2.1.4 Doctrine et jurisprudence

[94] Pratiquement tous les auteurs sont d’accord pour dire que l’art. 25 joue le rôle d’un bouclier : voir Wildsmith, p. 23; B. Slattery, « The Constitutional Guarantee of Aboriginal and Treaty Rights » (1982-1983), 8 Queen’s L.J. 232, p. 239; N. K. Zlotkin, Unfinished Business : Aboriginal Peoples and the 1983 Constitutional Conference (1983), p. 46; K. McNeil, « The Constitutional Rights of the Aboriginal Peoples of Canada » (1982), 4 S.C.L.R. 255, p. 262; P. W. Hogg, Constitutional Law of Canada (5e éd. suppl. 2007), vol. 1, p. 28-56 et 28-57; D. Sanders, « The Rights of the Aboriginal Peoples of Canada » (1983), 61 R. du B. can. 314, p. 321; P. Cumming, « Canada’s North and Native Rights », dans B. W. Morse, dir., Aboriginal Peoples and the Law : Indian, Metis, and Inuit Rights in Canada (1985), 695, p. 732; N. Lyon, « Constitutional Issues in Native Law », dans Morse, 408, p. 423; K. M. Lysyk, « Les droits et libertés des peuples autochtones du Canada », dans G.-A. Beaudoin et W. S. Tarnopolsky, dir., Charte canadienne des droits et libertés (1982), 591, p. 595-597; contra : R. H. Bartlett, « Survey of Canadian Law : Indian and Native Law » (1983), 15 R.D. Ottawa 431, et B. Schwartz, First Principles : Constitutional Reform with Respect to the Aboriginal Peoples of Canada, 1982‑1984 (1985).

[95] Les auteurs suivants partagent aussi cet avis : K. Wilkins, « . . . But We Need the Eggs : The Royal Commission, the Charter of Rights and the Inherent Right of Aboriginal Self‑government » (1999), 49 U.T.L.J. 53; T. Isaac, « Canadian Charter of Rights and Freedoms : The Challenge of the Individual and Collective Rights of Aboriginal People » (2002), 21 Windsor Y.B. Access Just. 431; A. Goldenberg, « “Salmon for Peanut Butter” : Equality, Reconciliation and the Rejection of Commercial Aboriginal Rights » (2004), 3 Indigenous L.J. 61, p. 90; C. Hutchinson, « Case Comment on R. v. Kapp : An Analytical Framework for Section 25 of the Charter » (2007), 52 R.D. McGill 173, p. 189. P. Macklem, Indigenous Difference and the Constitution of Canada (2001), et T. Dickson, « Section 25 and Intercultural Judgment » (2003), 61 U.T. Fac.
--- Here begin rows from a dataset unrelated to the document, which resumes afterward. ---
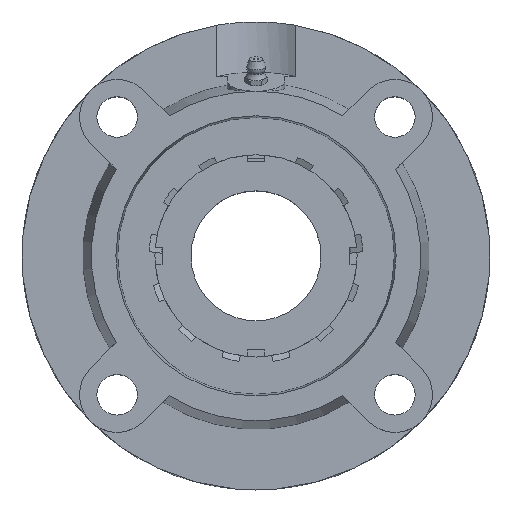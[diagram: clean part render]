
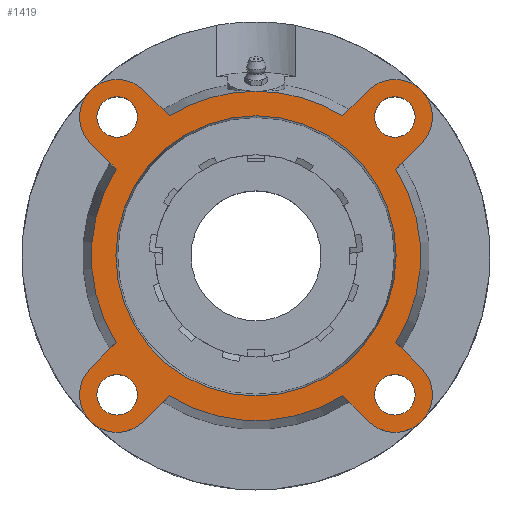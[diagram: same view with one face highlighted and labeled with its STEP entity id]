
A CAD part, top view. The second image highlights one B-rep face of the part: STEP entity #1419.
In plain terms, the highlighted planar face has unit normal (0, 0, 1).
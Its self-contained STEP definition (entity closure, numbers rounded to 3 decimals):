
#181=CARTESIAN_POINT('',(41.083,-48.083,18.));
#182=VERTEX_POINT('',#181);
#183=CARTESIAN_POINT('',(48.083,-48.083,18.));
#184=DIRECTION('',(0.0,0.0,-1.0));
#185=DIRECTION('',(1.0,0.0,0.0));
#186=AXIS2_PLACEMENT_3D('',#183,#184,#185);
#187=CIRCLE('',#186,7.);
#188=EDGE_CURVE('',#182,#182,#187,.T.);
#209=CARTESIAN_POINT('',(-55.083,48.083,18.));
#210=VERTEX_POINT('',#209);
#211=CARTESIAN_POINT('',(-48.083,48.083,18.));
#212=DIRECTION('',(0.0,0.0,-1.0));
#213=DIRECTION('',(1.0,0.0,0.0));
#214=AXIS2_PLACEMENT_3D('',#211,#212,#213);
#215=CIRCLE('',#214,7.);
#216=EDGE_CURVE('',#210,#210,#215,.T.);
#237=CARTESIAN_POINT('',(-55.083,-48.083,18.));
#238=VERTEX_POINT('',#237);
#239=CARTESIAN_POINT('',(-48.083,-48.083,18.));
#240=DIRECTION('',(0.0,0.0,-1.0));
#241=DIRECTION('',(1.0,0.0,0.0));
#242=AXIS2_PLACEMENT_3D('',#239,#240,#241);
#243=CIRCLE('',#242,7.);
#244=EDGE_CURVE('',#238,#238,#243,.T.);
#265=CARTESIAN_POINT('',(41.083,48.083,18.));
#266=VERTEX_POINT('',#265);
#267=CARTESIAN_POINT('',(48.083,48.083,18.));
#268=DIRECTION('',(0.0,0.0,-1.0));
#269=DIRECTION('',(1.0,0.0,0.0));
#270=AXIS2_PLACEMENT_3D('',#267,#268,#269);
#271=CIRCLE('',#270,7.);
#272=EDGE_CURVE('',#266,#266,#271,.T.);
#428=CARTESIAN_POINT('',(0.0,48.5,18.));
#429=VERTEX_POINT('',#428);
#430=CARTESIAN_POINT('',(0.0,0.,18.));
#431=DIRECTION('',(0.0,0.0,-1.0));
#432=DIRECTION('',(0.0,1.0,0.0));
#433=AXIS2_PLACEMENT_3D('',#430,#431,#432);
#434=CIRCLE('',#433,48.5);
#435=EDGE_CURVE('',#429,#429,#434,.T.);
#698=CARTESIAN_POINT('',(0.,57.,18.));
#699=VERTEX_POINT('',#698);
#821=CARTESIAN_POINT('',(-30.05,48.435,18.));
#822=VERTEX_POINT('',#821);
#836=CARTESIAN_POINT('',(0.0,0.,18.));
#837=DIRECTION('',(0.0,0.0,-1.0));
#838=DIRECTION('',(0.0,1.0,0.0));
#839=AXIS2_PLACEMENT_3D('',#836,#837,#838);
#840=CIRCLE('',#839,57.);
#841=EDGE_CURVE('',#822,#699,#840,.T.);
#854=CARTESIAN_POINT('',(30.05,48.435,18.));
#855=VERTEX_POINT('',#854);
#856=CARTESIAN_POINT('',(0.0,0.,18.));
#857=DIRECTION('',(0.0,0.0,-1.0));
#858=DIRECTION('',(0.0,1.0,0.0));
#859=AXIS2_PLACEMENT_3D('',#856,#857,#858);
#860=CIRCLE('',#859,57.);
#861=EDGE_CURVE('',#699,#855,#860,.T.);
#885=CARTESIAN_POINT('',(-48.435,30.05,18.));
#886=VERTEX_POINT('',#885);
#902=CARTESIAN_POINT('',(-57.276,38.891,18.));
#903=VERTEX_POINT('',#902);
#904=CARTESIAN_POINT('',(-48.435,30.05,18.));
#905=DIRECTION('',(-0.707,0.707,0.0));
#906=VECTOR('',#905,12.502);
#907=LINE('',#904,#906);
#908=EDGE_CURVE('',#886,#903,#907,.T.);
#932=CARTESIAN_POINT('',(-30.05,-48.435,18.));
#933=VERTEX_POINT('',#932);
#949=CARTESIAN_POINT('',(-38.891,-57.276,18.));
#950=VERTEX_POINT('',#949);
#951=CARTESIAN_POINT('',(-30.05,-48.435,18.));
#952=DIRECTION('',(-0.707,-0.707,0.0));
#953=VECTOR('',#952,12.502);
#954=LINE('',#951,#953);
#955=EDGE_CURVE('',#933,#950,#954,.T.);
#979=CARTESIAN_POINT('',(48.435,-30.05,18.));
#980=VERTEX_POINT('',#979);
#996=CARTESIAN_POINT('',(57.276,-38.891,18.));
#997=VERTEX_POINT('',#996);
#998=CARTESIAN_POINT('',(48.435,-30.05,18.));
#999=DIRECTION('',(0.707,-0.707,0.0));
#1000=VECTOR('',#999,12.502);
#1001=LINE('',#998,#1000);
#1002=EDGE_CURVE('',#980,#997,#1001,.T.);
#1027=CARTESIAN_POINT('',(38.891,57.276,18.));
#1028=VERTEX_POINT('',#1027);
#1029=CARTESIAN_POINT('',(30.05,48.435,18.));
#1030=DIRECTION('',(0.707,0.707,0.0));
#1031=VECTOR('',#1030,12.502);
#1032=LINE('',#1029,#1031);
#1033=EDGE_CURVE('',#855,#1028,#1032,.T.);
#1052=CARTESIAN_POINT('',(30.05,-48.435,18.));
#1053=VERTEX_POINT('',#1052);
#1075=CARTESIAN_POINT('',(38.891,-57.276,18.));
#1076=VERTEX_POINT('',#1075);
#1083=CARTESIAN_POINT('',(38.891,-57.276,18.));
#1084=DIRECTION('',(-0.707,0.707,0.0));
#1085=VECTOR('',#1084,12.502);
#1086=LINE('',#1083,#1085);
#1087=EDGE_CURVE('',#1076,#1053,#1086,.T.);
#1097=CARTESIAN_POINT('',(-57.276,-38.891,18.));
#1098=VERTEX_POINT('',#1097);
#1099=CARTESIAN_POINT('',(-48.083,-48.083,18.));
#1100=DIRECTION('',(0.0,0.0,-1.0));
#1101=DIRECTION('',(-0.636,0.771,0.0));
#1102=AXIS2_PLACEMENT_3D('',#1099,#1100,#1101);
#1103=CIRCLE('',#1102,13.);
#1104=EDGE_CURVE('',#950,#1098,#1103,.T.);
#1139=CARTESIAN_POINT('',(-48.435,-30.05,18.));
#1140=VERTEX_POINT('',#1139);
#1161=CARTESIAN_POINT('',(-57.276,-38.891,18.));
#1162=DIRECTION('',(0.707,0.707,0.0));
#1163=VECTOR('',#1162,12.502);
#1164=LINE('',#1161,#1163);
#1165=EDGE_CURVE('',#1098,#1140,#1164,.T.);
#1175=CARTESIAN_POINT('',(-38.891,57.276,18.));
#1176=VERTEX_POINT('',#1175);
#1177=CARTESIAN_POINT('',(-48.083,48.083,18.));
#1178=DIRECTION('',(0.0,0.0,-1.0));
#1179=DIRECTION('',(0.771,0.636,0.0));
#1180=AXIS2_PLACEMENT_3D('',#1177,#1178,#1179);
#1181=CIRCLE('',#1180,13.);
#1182=EDGE_CURVE('',#903,#1176,#1181,.T.);
#1210=CARTESIAN_POINT('',(-38.891,57.276,18.));
#1211=DIRECTION('',(0.707,-0.707,0.0));
#1212=VECTOR('',#1211,12.502);
#1213=LINE('',#1210,#1212);
#1214=EDGE_CURVE('',#1176,#822,#1213,.T.);
#1224=CARTESIAN_POINT('',(57.276,38.891,18.));
#1225=VERTEX_POINT('',#1224);
#1226=CARTESIAN_POINT('',(48.083,48.083,18.));
#1227=DIRECTION('',(0.0,0.0,-1.0));
#1228=DIRECTION('',(0.636,-0.771,0.0));
#1229=AXIS2_PLACEMENT_3D('',#1226,#1227,#1228);
#1230=CIRCLE('',#1229,13.);
#1231=EDGE_CURVE('',#1028,#1225,#1230,.T.);
#1260=CARTESIAN_POINT('',(48.435,30.05,18.));
#1261=VERTEX_POINT('',#1260);
#1282=CARTESIAN_POINT('',(57.276,38.891,18.));
#1283=DIRECTION('',(-0.707,-0.707,0.0));
#1284=VECTOR('',#1283,12.502);
#1285=LINE('',#1282,#1284);
#1286=EDGE_CURVE('',#1225,#1261,#1285,.T.);
#1296=CARTESIAN_POINT('',(48.083,-48.083,18.));
#1297=DIRECTION('',(0.0,0.0,-1.0));
#1298=DIRECTION('',(-0.771,-0.636,0.0));
#1299=AXIS2_PLACEMENT_3D('',#1296,#1297,#1298);
#1300=CIRCLE('',#1299,13.);
#1301=EDGE_CURVE('',#997,#1076,#1300,.T.);
#1362=CARTESIAN_POINT('',(0.0,28.5,18.));
#1363=DIRECTION('',(0.0,0.0,1.0));
#1364=DIRECTION('',(1.0,0.0,0.0));
#1365=AXIS2_PLACEMENT_3D('',#1362,#1363,#1364);
#1366=PLANE('',#1365);
#1367=CARTESIAN_POINT('',(0.0,0.,18.));
#1368=DIRECTION('',(0.0,0.0,-1.0));
#1369=DIRECTION('',(0.0,1.0,0.0));
#1370=AXIS2_PLACEMENT_3D('',#1367,#1368,#1369);
#1371=CIRCLE('',#1370,57.);
#1372=EDGE_CURVE('',#1053,#933,#1371,.T.);
#1373=ORIENTED_EDGE('',*,*,#1372,.F.);
#1374=ORIENTED_EDGE('',*,*,#1087,.F.);
#1375=ORIENTED_EDGE('',*,*,#1301,.F.);
#1376=ORIENTED_EDGE('',*,*,#1002,.F.);
#1377=CARTESIAN_POINT('',(0.0,0.,18.));
#1378=DIRECTION('',(0.0,0.0,-1.0));
#1379=DIRECTION('',(0.0,1.0,0.0));
#1380=AXIS2_PLACEMENT_3D('',#1377,#1378,#1379);
#1381=CIRCLE('',#1380,57.);
#1382=EDGE_CURVE('',#1261,#980,#1381,.T.);
#1383=ORIENTED_EDGE('',*,*,#1382,.F.);
#1384=ORIENTED_EDGE('',*,*,#1286,.F.);
#1385=ORIENTED_EDGE('',*,*,#1231,.F.);
#1386=ORIENTED_EDGE('',*,*,#1033,.F.);
#1387=ORIENTED_EDGE('',*,*,#861,.F.);
#1388=ORIENTED_EDGE('',*,*,#841,.F.);
#1389=ORIENTED_EDGE('',*,*,#1214,.F.);
#1390=ORIENTED_EDGE('',*,*,#1182,.F.);
#1391=ORIENTED_EDGE('',*,*,#908,.F.);
#1392=CARTESIAN_POINT('',(0.0,0.,18.));
#1393=DIRECTION('',(0.0,0.0,-1.0));
#1394=DIRECTION('',(0.0,1.0,0.0));
#1395=AXIS2_PLACEMENT_3D('',#1392,#1393,#1394);
#1396=CIRCLE('',#1395,57.);
#1397=EDGE_CURVE('',#1140,#886,#1396,.T.);
#1398=ORIENTED_EDGE('',*,*,#1397,.F.);
#1399=ORIENTED_EDGE('',*,*,#1165,.F.);
#1400=ORIENTED_EDGE('',*,*,#1104,.F.);
#1401=ORIENTED_EDGE('',*,*,#955,.F.);
#1402=EDGE_LOOP('',(#1373,#1374,#1375,#1376,#1383,#1384,#1385,#1386,#1387,#1388,#1389,#1390,#1391,#1398,#1399,#1400,#1401));
#1403=FACE_OUTER_BOUND('',#1402,.T.);
#1404=ORIENTED_EDGE('',*,*,#188,.T.);
#1405=EDGE_LOOP('',(#1404));
#1406=FACE_BOUND('',#1405,.T.);
#1407=ORIENTED_EDGE('',*,*,#216,.T.);
#1408=EDGE_LOOP('',(#1407));
#1409=FACE_BOUND('',#1408,.T.);
#1410=ORIENTED_EDGE('',*,*,#244,.T.);
#1411=EDGE_LOOP('',(#1410));
#1412=FACE_BOUND('',#1411,.T.);
#1413=ORIENTED_EDGE('',*,*,#272,.T.);
#1414=EDGE_LOOP('',(#1413));
#1415=FACE_BOUND('',#1414,.T.);
#1416=ORIENTED_EDGE('',*,*,#435,.T.);
#1417=EDGE_LOOP('',(#1416));
#1418=FACE_BOUND('',#1417,.T.);
#1419=ADVANCED_FACE('',(#1403,#1406,#1409,#1412,#1415,#1418),#1366,.T.);

L. Rev. 141, ont élaboré une approche qui leur est propre, fondée sur la distinction entre droits individuels et droits collectifs. Il convient de signaler qu’aucun de ces auteurs n’a appliqué la règle d’interprétation applicable aux textes législatifs bilingues.

[96] La jurisprudence sur la question est rare, mais la tendance récente consiste à voir dans la protection instaurée par l’art. 25 un « bouclier » plutôt qu’un « prisme interprétatif ». D’après R. c. Steinhauer, [1985] 3 C.N.L.R. 187 (B.R. Alb.), Campbell c. British Columbia (Attorney General), [2000] 4 C.N.L.R. 1 (C.S.C.‑B.), et Conseil de la bande indienne de Shubenacadie c. Canada (Commission canadienne des droits de la personne) (2000), 37 C.H.R.R. D/466 (C.A.F.), l’art. 25 offre un bouclier. R. c. Nicholas, [1989] 2 C.N.L.R. 131 (B.R.N.‑B.), va dans le même sens, sauf qu’on y restreint l’application de l’art. 25 aux droits visés à l’art. 15. Dans Campbell, le juge Williamson a résumé la jurisprudence en indiquant qu’elle montre que [traduction] « l’article se veut un “bouclier” empêchant les dispositions de la Charte de restreindre les droits ancestraux, issus de traités ou autres » : par. 156. Il a en outre indiqué qu’il faut adopter à l’égard de l’art. 25 une approche fondée sur son objet et que [traduction] « l’article a pour objet d’empêcher que les dispositions de la Charte n’érodent ou ne sapent la situation distinctive des peuples autochtones au Canada » (par. 158).

2.1.5 Limites du bouclier

[97] Le bouclier est‑il absolu? Bien sûr que non. Premièrement, il est restreint par l’art. 28 de la Charte, qui établit l’égalité des sexes « [i]ndépendamment des autres dispositions de la présente charte ». Deuxièmement, il est limité à son objet, les droits et libertés garantis par la Charte étant juxtaposés aux droits et libertés des peuples autochtones. L’arrêt R. c. Van der Peet, [1996] 2 R.C.S. 507, donne au par. 46 des précisions utiles à cet égard. Cela signifie, pour l’essentiel, que seules les lois qui portent véritablement atteinte à des droits des peuples autochtones seront prises en considération, et non celles qui ont uniquement des effets accessoires sur les Autochtones.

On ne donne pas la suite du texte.